PROBLEM. Lines from the beginning of the material below through the line that has "Length unit declared in the file: inch" are to be reproduced exactly, but pictures are not.

LISTED ENTRIES.

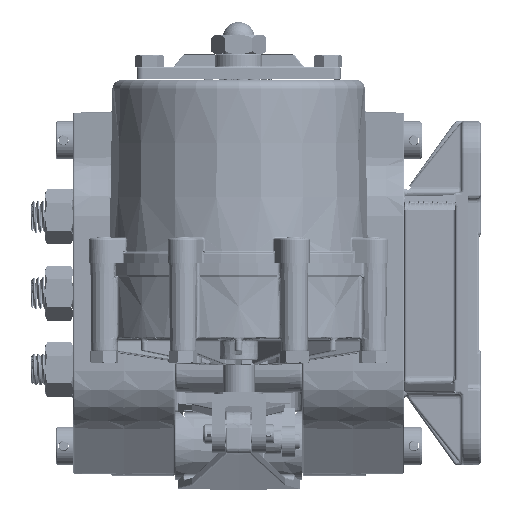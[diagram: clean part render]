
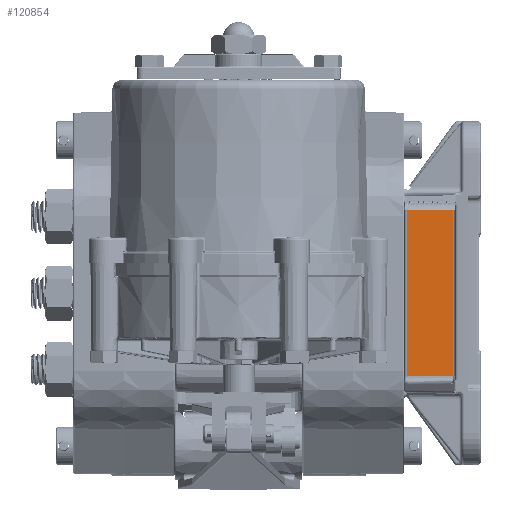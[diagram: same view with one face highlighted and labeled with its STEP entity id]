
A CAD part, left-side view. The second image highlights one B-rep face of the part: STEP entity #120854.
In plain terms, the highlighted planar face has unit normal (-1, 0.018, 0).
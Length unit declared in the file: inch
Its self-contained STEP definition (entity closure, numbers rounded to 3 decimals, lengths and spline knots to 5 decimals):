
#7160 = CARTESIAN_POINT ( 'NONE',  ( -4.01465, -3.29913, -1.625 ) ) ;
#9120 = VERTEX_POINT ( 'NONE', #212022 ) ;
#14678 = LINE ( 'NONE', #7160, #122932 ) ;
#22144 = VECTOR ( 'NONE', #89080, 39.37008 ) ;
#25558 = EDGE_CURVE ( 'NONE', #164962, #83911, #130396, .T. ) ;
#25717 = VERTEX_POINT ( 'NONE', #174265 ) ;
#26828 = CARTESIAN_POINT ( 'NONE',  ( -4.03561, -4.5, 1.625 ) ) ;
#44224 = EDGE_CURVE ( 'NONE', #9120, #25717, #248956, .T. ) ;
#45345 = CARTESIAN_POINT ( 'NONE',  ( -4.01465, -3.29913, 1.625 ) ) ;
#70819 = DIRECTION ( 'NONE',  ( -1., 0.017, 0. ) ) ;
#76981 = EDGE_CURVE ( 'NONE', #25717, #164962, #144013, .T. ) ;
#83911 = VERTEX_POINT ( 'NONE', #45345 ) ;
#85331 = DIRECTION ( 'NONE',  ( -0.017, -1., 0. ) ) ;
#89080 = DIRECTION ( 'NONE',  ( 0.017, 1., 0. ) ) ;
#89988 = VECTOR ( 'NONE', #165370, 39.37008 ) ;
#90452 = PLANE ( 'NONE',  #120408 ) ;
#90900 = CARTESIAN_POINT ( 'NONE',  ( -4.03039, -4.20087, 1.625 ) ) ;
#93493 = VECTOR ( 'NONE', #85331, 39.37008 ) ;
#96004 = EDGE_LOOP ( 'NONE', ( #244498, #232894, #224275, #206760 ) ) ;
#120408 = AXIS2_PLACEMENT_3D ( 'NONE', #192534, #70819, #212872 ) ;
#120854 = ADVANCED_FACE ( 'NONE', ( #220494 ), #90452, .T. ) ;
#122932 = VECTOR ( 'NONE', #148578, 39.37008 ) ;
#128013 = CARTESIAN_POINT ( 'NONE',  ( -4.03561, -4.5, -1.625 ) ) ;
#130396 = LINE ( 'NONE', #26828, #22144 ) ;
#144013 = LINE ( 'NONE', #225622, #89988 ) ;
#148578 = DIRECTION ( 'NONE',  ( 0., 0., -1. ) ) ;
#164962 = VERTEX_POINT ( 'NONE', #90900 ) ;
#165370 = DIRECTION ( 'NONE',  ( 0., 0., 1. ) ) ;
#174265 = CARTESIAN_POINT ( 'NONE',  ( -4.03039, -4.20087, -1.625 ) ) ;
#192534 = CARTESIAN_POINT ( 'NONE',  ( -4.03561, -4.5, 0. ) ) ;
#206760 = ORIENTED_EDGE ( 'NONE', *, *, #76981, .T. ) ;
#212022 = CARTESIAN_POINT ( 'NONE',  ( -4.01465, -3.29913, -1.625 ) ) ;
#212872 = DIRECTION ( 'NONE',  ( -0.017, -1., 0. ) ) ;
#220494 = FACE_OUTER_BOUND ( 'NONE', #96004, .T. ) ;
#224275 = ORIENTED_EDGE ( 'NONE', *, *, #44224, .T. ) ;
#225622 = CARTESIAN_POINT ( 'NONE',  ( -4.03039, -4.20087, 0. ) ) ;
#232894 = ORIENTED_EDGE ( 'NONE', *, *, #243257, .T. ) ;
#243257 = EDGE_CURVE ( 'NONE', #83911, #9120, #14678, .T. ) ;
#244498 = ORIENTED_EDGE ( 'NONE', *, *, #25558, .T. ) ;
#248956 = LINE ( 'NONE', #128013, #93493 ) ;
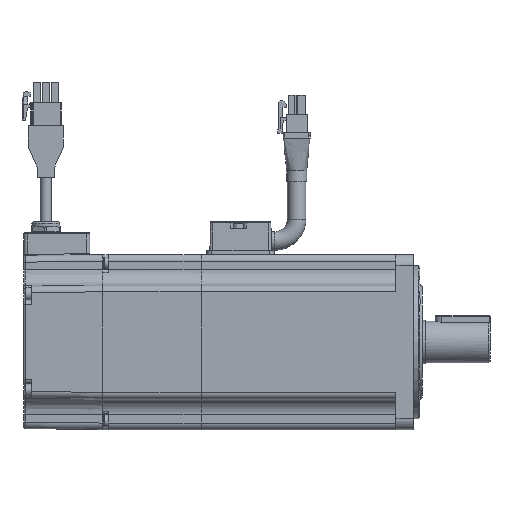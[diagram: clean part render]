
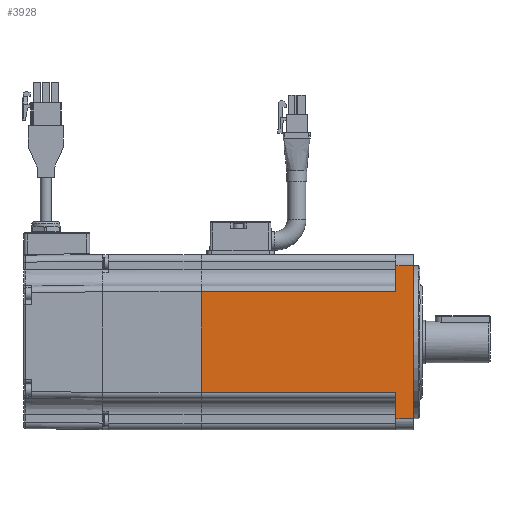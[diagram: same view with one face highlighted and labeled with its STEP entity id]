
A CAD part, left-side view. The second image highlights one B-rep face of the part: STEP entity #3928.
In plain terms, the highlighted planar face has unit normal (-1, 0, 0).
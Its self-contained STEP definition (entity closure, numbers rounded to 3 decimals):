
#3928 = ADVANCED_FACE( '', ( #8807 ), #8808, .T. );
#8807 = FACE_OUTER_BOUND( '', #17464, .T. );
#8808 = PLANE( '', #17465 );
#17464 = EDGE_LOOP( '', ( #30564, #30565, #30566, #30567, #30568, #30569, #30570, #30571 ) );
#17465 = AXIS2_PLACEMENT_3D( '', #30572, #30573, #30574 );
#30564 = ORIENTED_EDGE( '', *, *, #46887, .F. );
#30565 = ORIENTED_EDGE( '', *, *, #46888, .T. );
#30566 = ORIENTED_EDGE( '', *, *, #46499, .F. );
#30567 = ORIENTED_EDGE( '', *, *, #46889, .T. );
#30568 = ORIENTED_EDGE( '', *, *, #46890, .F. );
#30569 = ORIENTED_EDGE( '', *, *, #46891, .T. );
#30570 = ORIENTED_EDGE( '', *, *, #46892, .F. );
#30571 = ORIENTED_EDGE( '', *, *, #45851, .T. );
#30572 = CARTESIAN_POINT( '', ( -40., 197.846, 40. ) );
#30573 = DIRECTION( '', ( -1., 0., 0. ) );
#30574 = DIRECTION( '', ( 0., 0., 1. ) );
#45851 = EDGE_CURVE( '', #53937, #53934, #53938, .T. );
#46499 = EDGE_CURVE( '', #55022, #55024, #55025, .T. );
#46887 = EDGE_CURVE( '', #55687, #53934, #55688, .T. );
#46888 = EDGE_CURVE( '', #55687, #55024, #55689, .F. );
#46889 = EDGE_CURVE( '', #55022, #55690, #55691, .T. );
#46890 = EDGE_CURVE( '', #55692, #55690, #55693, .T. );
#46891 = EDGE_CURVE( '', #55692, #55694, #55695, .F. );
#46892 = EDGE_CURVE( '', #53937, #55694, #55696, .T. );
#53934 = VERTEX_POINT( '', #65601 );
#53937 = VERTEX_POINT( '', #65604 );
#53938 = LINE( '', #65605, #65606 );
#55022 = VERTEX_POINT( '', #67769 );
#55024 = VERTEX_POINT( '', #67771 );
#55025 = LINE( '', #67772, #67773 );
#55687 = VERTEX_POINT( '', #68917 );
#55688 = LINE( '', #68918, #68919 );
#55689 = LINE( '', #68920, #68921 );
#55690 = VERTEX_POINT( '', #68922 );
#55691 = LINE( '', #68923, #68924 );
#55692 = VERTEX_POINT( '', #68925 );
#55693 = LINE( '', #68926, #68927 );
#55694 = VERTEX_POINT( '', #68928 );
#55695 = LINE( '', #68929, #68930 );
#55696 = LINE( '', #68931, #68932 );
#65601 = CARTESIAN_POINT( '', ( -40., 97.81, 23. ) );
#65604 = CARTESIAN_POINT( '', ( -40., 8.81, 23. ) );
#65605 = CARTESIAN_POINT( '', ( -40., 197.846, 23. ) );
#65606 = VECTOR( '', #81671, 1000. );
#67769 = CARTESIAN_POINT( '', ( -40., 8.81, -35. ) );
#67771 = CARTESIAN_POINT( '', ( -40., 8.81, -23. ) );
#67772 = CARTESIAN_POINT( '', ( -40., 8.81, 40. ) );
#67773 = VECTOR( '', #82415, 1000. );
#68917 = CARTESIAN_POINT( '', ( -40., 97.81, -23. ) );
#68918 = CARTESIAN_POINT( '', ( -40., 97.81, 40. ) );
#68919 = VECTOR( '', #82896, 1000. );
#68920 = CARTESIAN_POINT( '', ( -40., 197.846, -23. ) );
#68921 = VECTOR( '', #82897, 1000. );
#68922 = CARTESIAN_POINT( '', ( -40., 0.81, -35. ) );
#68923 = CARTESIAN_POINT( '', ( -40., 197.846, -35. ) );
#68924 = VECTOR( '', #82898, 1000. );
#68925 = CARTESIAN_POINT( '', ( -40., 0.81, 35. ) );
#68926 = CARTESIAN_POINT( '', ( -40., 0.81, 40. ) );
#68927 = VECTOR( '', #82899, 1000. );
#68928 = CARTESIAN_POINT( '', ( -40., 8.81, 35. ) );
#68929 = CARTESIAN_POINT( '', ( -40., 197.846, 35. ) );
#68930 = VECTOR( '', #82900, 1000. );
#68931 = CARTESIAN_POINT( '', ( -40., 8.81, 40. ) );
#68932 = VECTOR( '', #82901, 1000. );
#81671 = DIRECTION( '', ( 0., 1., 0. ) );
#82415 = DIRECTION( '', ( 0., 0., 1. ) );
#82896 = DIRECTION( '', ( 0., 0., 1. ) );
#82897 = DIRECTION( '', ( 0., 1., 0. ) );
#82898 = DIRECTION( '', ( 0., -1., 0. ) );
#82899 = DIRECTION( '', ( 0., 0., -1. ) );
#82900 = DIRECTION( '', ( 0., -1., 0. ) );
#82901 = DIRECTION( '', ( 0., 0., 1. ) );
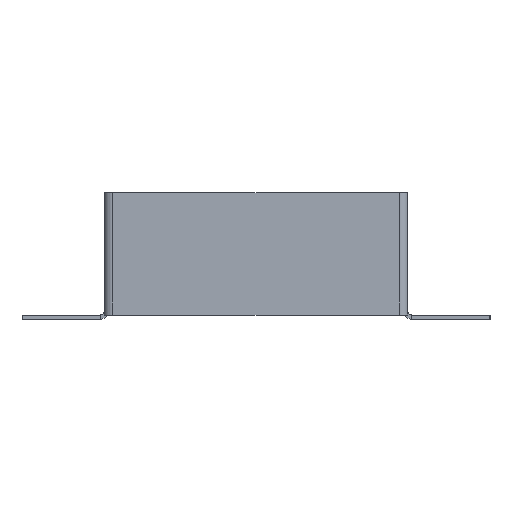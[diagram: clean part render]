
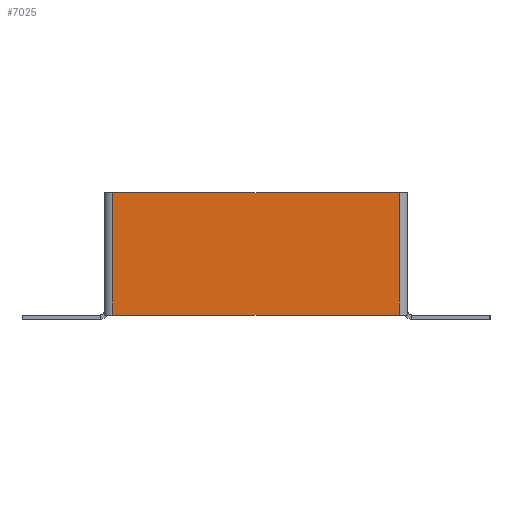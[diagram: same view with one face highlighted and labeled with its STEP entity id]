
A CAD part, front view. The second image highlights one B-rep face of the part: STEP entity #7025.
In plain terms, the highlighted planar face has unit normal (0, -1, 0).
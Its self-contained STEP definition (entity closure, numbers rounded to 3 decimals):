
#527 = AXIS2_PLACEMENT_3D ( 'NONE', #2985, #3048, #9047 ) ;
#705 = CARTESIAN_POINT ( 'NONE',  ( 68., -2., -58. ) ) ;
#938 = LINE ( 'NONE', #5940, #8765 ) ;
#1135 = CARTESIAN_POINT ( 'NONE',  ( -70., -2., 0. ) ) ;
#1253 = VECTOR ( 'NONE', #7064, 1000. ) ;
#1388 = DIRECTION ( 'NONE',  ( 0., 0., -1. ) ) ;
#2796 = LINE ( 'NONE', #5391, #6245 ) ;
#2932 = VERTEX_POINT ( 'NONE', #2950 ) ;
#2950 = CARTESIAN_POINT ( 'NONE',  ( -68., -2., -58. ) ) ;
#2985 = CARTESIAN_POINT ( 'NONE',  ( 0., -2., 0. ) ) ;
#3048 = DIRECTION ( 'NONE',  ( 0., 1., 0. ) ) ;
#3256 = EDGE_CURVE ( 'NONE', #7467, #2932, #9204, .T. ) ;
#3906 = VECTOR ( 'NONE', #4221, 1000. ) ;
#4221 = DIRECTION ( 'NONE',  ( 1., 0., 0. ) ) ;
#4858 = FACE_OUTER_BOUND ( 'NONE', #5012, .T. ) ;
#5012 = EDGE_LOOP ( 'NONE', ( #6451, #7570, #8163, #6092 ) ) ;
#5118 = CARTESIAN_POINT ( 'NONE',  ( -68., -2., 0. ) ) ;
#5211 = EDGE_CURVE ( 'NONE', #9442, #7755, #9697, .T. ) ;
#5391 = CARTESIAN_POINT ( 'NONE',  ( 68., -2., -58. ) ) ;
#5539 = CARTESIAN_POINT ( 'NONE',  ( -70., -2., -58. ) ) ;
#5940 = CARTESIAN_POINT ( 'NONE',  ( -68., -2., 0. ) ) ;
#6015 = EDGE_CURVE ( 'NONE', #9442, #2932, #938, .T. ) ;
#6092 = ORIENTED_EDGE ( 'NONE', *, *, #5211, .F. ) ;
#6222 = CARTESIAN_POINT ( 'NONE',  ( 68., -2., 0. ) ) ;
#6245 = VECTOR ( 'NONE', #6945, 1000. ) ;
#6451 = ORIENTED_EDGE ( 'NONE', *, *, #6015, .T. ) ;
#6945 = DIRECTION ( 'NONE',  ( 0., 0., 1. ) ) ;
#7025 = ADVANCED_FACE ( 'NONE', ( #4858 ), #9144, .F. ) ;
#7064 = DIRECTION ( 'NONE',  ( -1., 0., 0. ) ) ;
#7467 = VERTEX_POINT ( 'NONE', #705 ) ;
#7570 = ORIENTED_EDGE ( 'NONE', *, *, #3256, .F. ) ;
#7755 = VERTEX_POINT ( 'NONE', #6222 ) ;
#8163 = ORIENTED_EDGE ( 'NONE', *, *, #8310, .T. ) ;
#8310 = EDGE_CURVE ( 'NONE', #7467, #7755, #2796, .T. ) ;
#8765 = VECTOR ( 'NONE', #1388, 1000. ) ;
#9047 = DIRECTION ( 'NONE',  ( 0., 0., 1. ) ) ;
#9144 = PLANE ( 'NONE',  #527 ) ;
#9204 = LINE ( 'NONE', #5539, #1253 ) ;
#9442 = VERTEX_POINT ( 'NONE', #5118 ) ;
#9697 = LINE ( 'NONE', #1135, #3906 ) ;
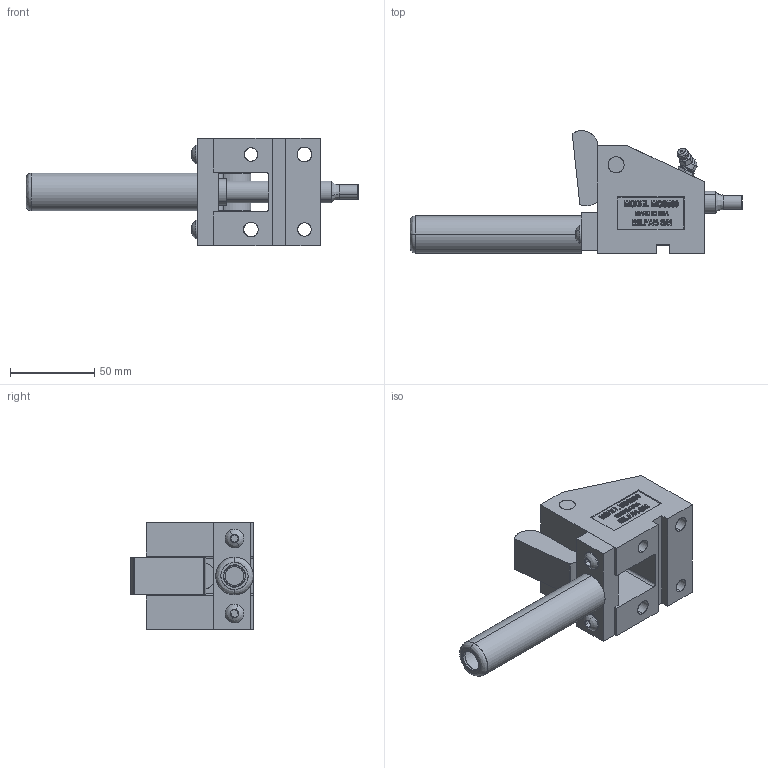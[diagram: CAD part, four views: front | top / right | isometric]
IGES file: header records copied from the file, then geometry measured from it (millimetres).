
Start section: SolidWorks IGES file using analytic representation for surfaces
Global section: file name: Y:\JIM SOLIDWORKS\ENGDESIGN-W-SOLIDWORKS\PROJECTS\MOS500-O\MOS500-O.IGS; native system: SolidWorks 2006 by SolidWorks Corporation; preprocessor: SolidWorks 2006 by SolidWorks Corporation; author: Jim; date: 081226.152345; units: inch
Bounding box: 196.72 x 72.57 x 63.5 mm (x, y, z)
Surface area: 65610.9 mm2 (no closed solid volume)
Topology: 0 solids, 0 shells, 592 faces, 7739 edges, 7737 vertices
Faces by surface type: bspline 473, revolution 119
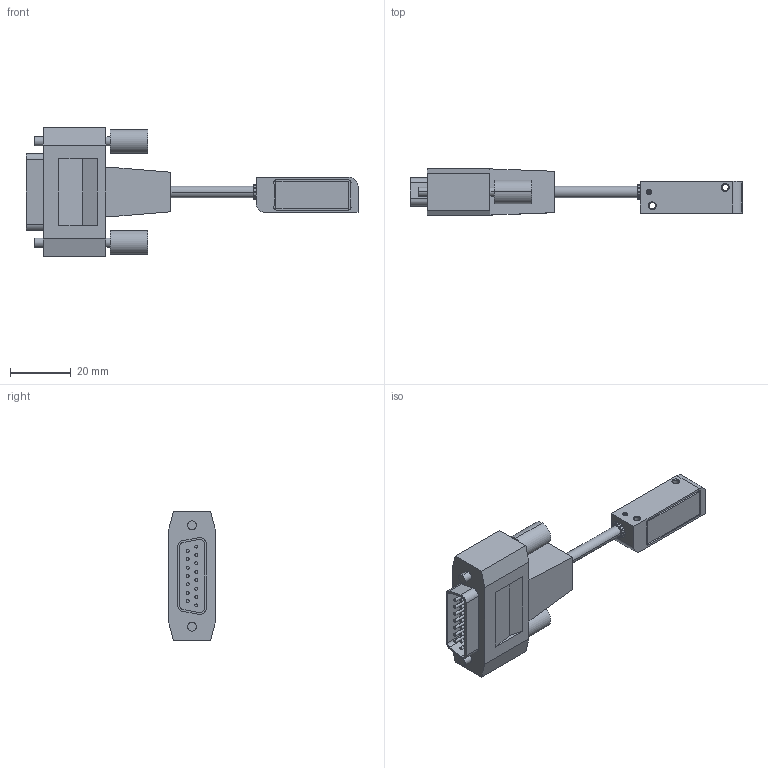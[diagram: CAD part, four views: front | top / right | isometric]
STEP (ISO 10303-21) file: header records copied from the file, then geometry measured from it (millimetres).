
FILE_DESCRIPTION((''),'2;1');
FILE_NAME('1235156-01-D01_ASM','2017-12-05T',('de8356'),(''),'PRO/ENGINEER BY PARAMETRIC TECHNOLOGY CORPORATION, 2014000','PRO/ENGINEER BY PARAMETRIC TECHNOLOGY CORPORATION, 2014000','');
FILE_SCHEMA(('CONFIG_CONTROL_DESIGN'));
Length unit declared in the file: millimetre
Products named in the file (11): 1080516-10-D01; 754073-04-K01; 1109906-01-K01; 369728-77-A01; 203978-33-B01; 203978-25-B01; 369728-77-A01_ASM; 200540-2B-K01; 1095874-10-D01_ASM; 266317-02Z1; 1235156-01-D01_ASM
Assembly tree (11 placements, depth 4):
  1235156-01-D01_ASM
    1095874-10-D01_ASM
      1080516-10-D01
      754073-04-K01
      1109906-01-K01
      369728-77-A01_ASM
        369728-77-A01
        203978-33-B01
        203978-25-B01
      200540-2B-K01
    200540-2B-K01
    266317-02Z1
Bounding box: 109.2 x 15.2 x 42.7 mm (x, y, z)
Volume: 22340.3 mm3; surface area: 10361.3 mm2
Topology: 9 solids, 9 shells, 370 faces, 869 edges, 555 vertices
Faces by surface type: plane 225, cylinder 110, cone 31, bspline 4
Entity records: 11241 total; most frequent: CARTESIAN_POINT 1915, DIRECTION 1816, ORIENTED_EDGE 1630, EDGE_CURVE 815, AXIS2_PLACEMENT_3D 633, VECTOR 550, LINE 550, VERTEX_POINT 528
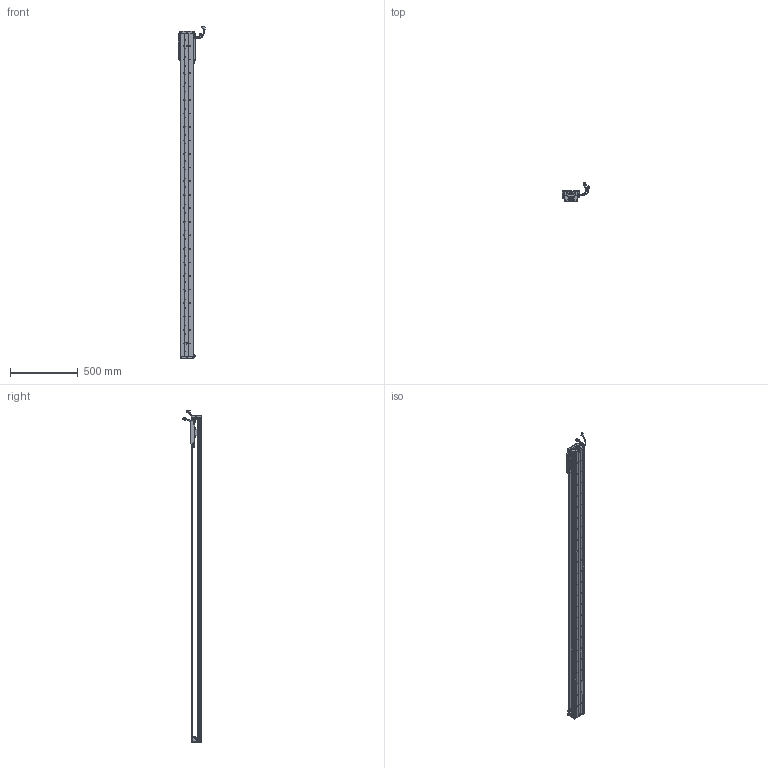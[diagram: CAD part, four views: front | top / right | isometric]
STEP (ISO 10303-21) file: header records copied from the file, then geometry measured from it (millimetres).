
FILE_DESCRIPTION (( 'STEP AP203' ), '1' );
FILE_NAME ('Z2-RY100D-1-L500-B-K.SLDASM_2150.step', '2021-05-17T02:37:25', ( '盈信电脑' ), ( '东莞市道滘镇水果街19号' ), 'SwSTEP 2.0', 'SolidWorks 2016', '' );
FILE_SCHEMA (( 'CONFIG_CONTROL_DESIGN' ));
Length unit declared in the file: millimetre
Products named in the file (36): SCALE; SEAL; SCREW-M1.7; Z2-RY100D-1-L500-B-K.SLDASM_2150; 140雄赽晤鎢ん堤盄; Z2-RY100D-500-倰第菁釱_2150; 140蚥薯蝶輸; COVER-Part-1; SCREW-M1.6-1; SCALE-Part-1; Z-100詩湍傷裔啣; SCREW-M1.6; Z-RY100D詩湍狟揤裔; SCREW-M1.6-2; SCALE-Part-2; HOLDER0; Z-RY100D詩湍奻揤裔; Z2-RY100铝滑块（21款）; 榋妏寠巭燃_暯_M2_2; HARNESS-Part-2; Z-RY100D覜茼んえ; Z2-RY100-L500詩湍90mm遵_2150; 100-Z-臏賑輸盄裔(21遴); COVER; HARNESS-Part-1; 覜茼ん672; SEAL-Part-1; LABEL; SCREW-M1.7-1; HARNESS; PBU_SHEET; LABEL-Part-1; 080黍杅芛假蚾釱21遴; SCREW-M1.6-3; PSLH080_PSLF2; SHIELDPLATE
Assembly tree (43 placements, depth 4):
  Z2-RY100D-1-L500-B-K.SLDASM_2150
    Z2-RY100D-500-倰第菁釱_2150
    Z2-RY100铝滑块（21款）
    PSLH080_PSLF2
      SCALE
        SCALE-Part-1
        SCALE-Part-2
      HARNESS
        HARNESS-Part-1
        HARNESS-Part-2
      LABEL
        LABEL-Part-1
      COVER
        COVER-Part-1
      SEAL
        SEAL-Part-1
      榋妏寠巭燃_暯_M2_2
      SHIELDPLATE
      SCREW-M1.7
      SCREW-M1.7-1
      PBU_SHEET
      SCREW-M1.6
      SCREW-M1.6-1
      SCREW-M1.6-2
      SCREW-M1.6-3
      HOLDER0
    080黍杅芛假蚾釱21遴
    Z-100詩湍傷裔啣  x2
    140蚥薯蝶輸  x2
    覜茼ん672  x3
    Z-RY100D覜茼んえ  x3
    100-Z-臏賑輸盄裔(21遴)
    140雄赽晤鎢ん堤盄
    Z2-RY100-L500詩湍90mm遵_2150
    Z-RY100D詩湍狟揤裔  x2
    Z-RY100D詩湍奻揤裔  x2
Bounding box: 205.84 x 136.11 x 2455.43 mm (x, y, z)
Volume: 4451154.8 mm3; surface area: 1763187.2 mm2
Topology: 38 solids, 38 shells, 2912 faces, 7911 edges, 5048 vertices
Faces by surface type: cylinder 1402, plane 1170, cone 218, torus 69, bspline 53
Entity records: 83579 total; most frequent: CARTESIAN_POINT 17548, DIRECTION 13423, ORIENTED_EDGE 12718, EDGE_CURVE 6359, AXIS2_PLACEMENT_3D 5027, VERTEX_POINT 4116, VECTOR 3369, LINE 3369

ANSWER FOR THIS EXERCISE.
[diagram: clean part render]
[diagram: same view with one face highlighted and labeled with its STEP entity id]
A CAD part, left-side view. The second image highlights one B-rep face of the part: STEP entity #120854.
In plain terms, the highlighted planar face has unit normal (-1, 0.018, 0).
Length unit declared in the file: inch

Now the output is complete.